*BRIEF*
Would you please transcribe the data in full and exactly, excluding images?

*DATA SHOWN*
# # # # # # #
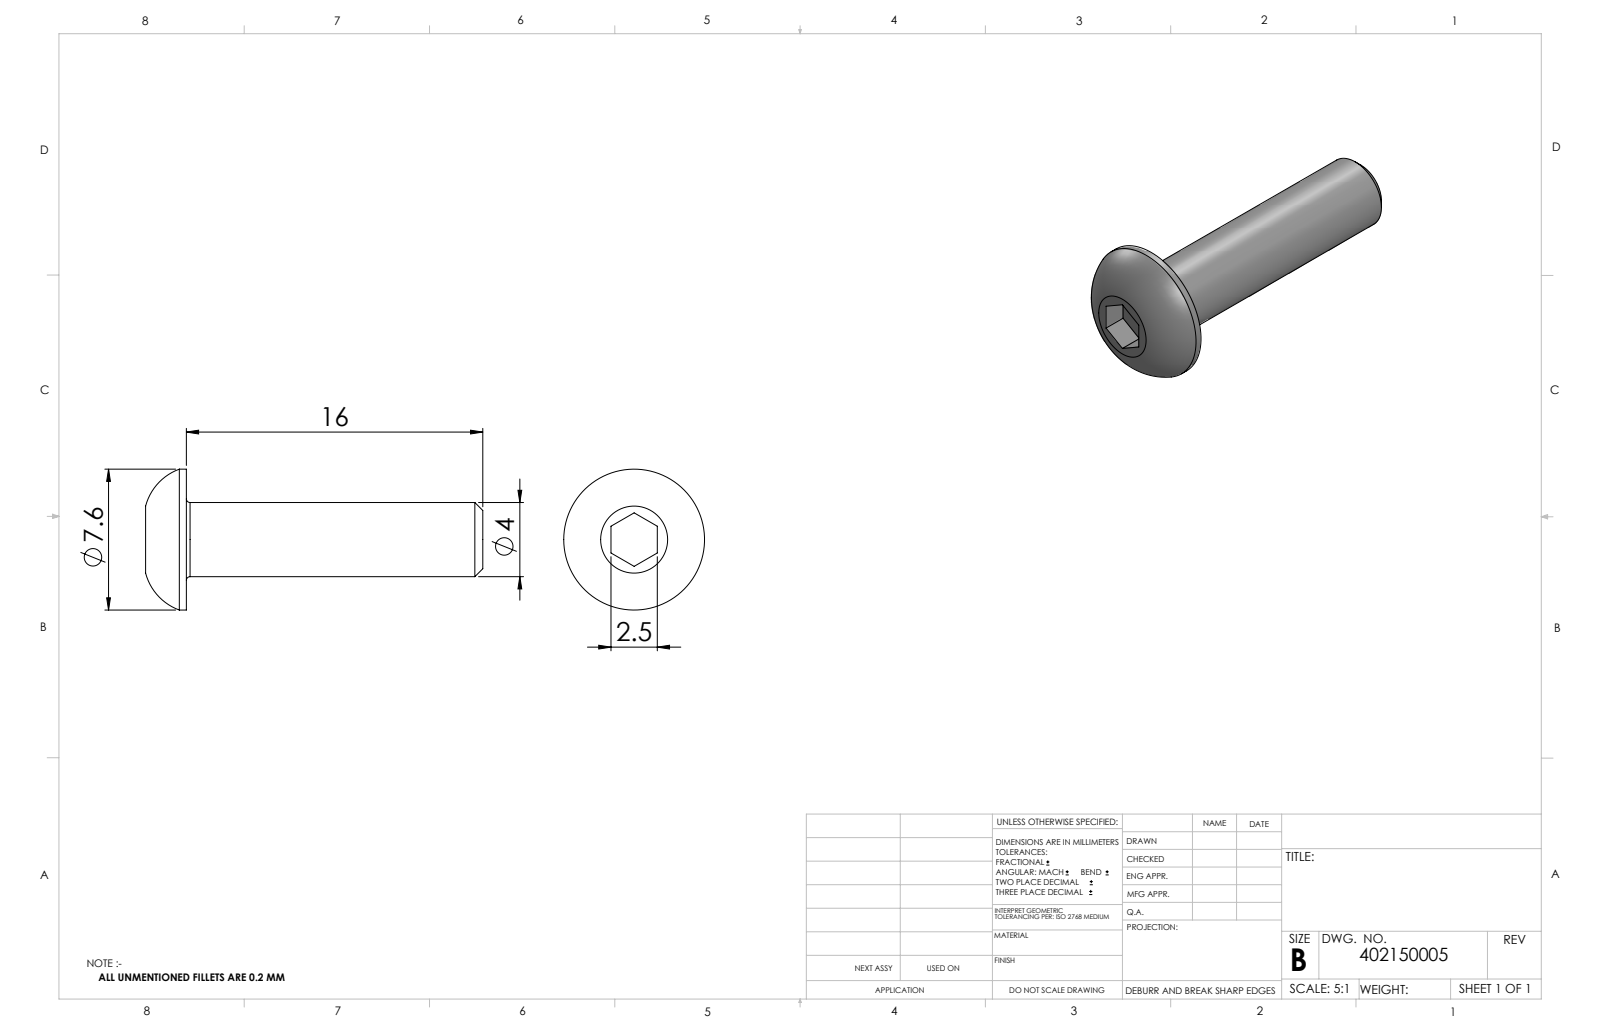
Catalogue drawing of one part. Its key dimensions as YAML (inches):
part_name: "402150005_c_1"
step_written_by: "SolidWorks 2014 (CONFIG_CONTROL_DESIGN)"
units: inches
bodies: {solids: 1, faces: 20, planar: 10, cylindrical: 4, other: 6}
overall_size: [0.717, 0.299, 0.299]
volume: 0.016
surface_area: 0.504
round_bosses_or_shafts:
  - {diameter: 0.299, count: 1}
  - {diameter: 0.157, count: 1}
face_to_face_distances: [0.63, 0.098, 0.665, 0.035, 0.717, 0.087, 0.051]
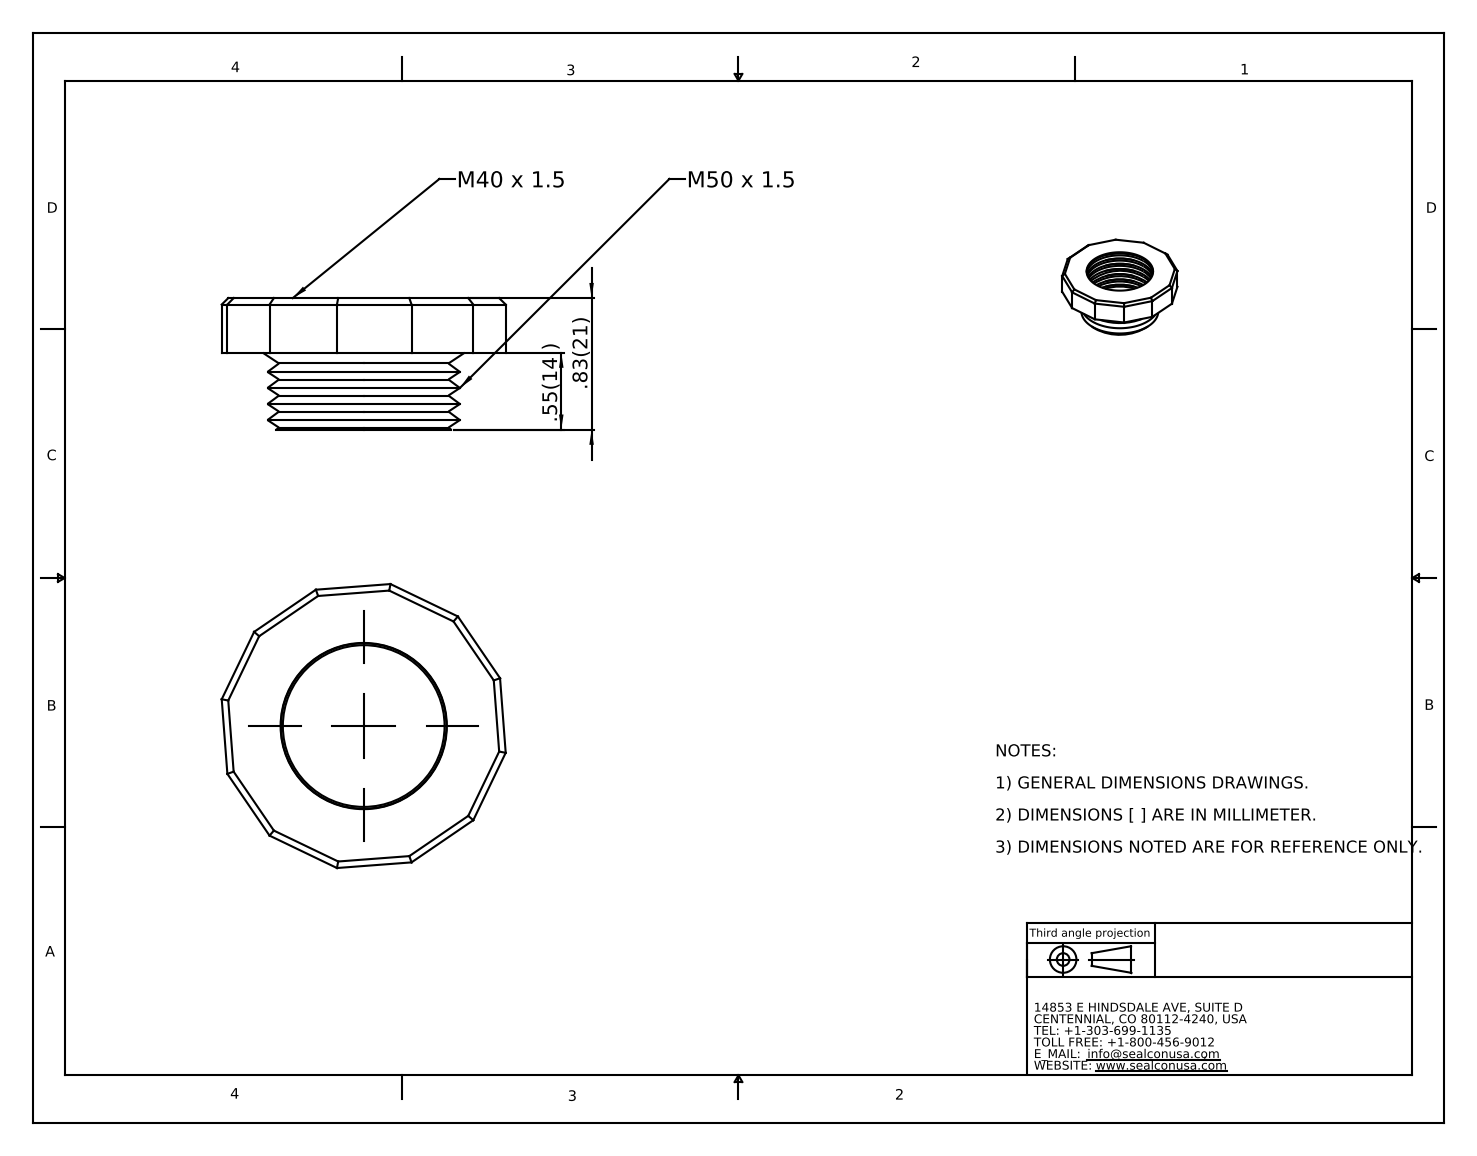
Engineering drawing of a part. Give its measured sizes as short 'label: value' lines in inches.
name: RR-5040-GY
written by: SolidWorks 2008 (CONFIG_CONTROL_DESIGN)
unit: in
bodies: 1 solid, 93 faces (27 planar, 16 cylindrical, 50 other)
size: 0.885 × 0.885 × 0.41
volume: 0.077 in³; area: 2.673 in²
holes: 1× ⌀0.504, 1× ⌀0.518
face distances: 0.17, 0.869, 0.87, 0.24, 0.41
# # # # # # #
*ANSWER TO THE EXERCISE*
Catalogue drawing of one part. Its key dimensions as YAML (inches):
part_name: "402150005_c_1"
step_written_by: "SolidWorks 2014 (CONFIG_CONTROL_DESIGN)"
units: inches
bodies: {solids: 1, faces: 20, planar: 10, cylindrical: 4, other: 6}
overall_size: [0.717, 0.299, 0.299]
volume: 0.016
surface_area: 0.504
round_bosses_or_shafts:
  - {diameter: 0.299, count: 1}
  - {diameter: 0.157, count: 1}
face_to_face_distances: [0.63, 0.098, 0.665, 0.035, 0.717, 0.087, 0.051]
Engineering drawing of a part. Give its measured sizes as short 'label: value' lines in inches.
name: RR-5040-GY
written by: SolidWorks 2008 (CONFIG_CONTROL_DESIGN)
unit: in
bodies: 1 solid, 93 faces (27 planar, 16 cylindrical, 50 other)
size: 0.885 × 0.885 × 0.41
volume: 0.077 in³; area: 2.673 in²
holes: 1× ⌀0.504, 1× ⌀0.518
face distances: 0.17, 0.869, 0.87, 0.24, 0.41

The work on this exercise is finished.